◆ Problem to work on: Your output should be the lines from the start of the data through the line containing "strongest paths, dB", exactly and nothing more.

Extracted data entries

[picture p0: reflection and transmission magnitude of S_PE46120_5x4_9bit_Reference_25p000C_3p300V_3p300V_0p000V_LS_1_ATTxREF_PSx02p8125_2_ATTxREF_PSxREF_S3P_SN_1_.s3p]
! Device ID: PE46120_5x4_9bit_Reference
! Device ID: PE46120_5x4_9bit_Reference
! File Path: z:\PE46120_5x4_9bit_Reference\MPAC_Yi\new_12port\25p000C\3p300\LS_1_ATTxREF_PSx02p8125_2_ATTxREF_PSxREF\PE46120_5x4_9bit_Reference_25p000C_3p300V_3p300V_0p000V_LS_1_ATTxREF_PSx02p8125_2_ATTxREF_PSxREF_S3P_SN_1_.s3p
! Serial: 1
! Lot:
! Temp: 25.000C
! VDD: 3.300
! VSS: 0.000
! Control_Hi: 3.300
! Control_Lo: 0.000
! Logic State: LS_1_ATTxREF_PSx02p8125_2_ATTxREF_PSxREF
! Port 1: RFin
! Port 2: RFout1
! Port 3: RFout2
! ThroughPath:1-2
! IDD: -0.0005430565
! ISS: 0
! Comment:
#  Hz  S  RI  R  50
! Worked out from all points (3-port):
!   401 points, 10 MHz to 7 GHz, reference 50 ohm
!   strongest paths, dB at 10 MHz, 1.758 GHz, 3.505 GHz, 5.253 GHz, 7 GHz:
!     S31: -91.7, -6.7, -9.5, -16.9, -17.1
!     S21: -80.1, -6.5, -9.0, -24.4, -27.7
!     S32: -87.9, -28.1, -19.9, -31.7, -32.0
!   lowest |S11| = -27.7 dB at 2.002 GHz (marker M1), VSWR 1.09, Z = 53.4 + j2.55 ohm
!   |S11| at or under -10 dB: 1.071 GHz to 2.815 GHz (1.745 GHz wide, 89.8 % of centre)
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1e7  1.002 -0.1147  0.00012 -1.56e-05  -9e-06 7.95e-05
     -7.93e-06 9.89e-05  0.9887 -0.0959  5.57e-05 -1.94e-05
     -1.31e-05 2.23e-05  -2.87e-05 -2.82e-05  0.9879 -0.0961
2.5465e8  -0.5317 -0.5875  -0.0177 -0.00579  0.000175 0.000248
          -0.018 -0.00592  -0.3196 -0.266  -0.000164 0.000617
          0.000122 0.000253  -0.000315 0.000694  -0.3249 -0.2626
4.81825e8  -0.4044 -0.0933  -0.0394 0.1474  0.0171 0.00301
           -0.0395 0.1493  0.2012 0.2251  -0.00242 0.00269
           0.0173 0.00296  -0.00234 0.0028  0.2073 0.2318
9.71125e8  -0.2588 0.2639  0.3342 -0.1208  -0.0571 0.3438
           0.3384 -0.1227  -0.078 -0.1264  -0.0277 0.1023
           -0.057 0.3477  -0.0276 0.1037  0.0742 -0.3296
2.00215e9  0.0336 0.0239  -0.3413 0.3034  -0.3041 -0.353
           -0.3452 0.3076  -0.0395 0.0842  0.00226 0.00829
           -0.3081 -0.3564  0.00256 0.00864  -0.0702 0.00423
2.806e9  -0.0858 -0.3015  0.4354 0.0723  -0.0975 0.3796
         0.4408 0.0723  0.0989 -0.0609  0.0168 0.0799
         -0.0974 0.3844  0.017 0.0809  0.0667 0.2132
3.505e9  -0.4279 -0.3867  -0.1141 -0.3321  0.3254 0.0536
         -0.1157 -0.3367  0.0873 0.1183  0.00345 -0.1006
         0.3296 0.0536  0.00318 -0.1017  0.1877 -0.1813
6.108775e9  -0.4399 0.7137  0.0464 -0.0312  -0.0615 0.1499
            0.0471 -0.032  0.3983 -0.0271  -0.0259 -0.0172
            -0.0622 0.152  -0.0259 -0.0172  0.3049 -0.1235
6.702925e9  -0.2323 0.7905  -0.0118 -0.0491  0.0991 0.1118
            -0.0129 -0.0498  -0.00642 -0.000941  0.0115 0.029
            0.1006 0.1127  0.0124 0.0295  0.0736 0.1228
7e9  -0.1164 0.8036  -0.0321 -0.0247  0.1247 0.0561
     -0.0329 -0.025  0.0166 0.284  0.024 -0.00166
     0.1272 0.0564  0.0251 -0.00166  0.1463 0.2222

◆ Problem solution:
[picture p0: reflection and transmission magnitude of S_PE46120_5x4_9bit_Reference_25p000C_3p300V_3p300V_0p000V_LS_1_ATTxREF_PSx02p8125_2_ATTxREF_PSxREF_S3P_SN_1_.s3p]
! Device ID: PE46120_5x4_9bit_Reference
! Device ID: PE46120_5x4_9bit_Reference
! File Path: z:\PE46120_5x4_9bit_Reference\MPAC_Yi\new_12port\25p000C\3p300\LS_1_ATTxREF_PSx02p8125_2_ATTxREF_PSxREF\PE46120_5x4_9bit_Reference_25p000C_3p300V_3p300V_0p000V_LS_1_ATTxREF_PSx02p8125_2_ATTxREF_PSxREF_S3P_SN_1_.s3p
! Serial: 1
! Lot:
! Temp: 25.000C
! VDD: 3.300
! VSS: 0.000
! Control_Hi: 3.300
! Control_Lo: 0.000
! Logic State: LS_1_ATTxREF_PSx02p8125_2_ATTxREF_PSxREF
! Port 1: RFin
! Port 2: RFout1
! Port 3: RFout2
! ThroughPath:1-2
! IDD: -0.0005430565
! ISS: 0
! Comment:
#  Hz  S  RI  R  50
! Worked out from all points (3-port):
!   401 points, 10 MHz to 7 GHz, reference 50 ohm
!   strongest paths, dB at 10 MHz, 1.758 GHz, 3.505 GHz, 5.253 GHz, 7 GHz:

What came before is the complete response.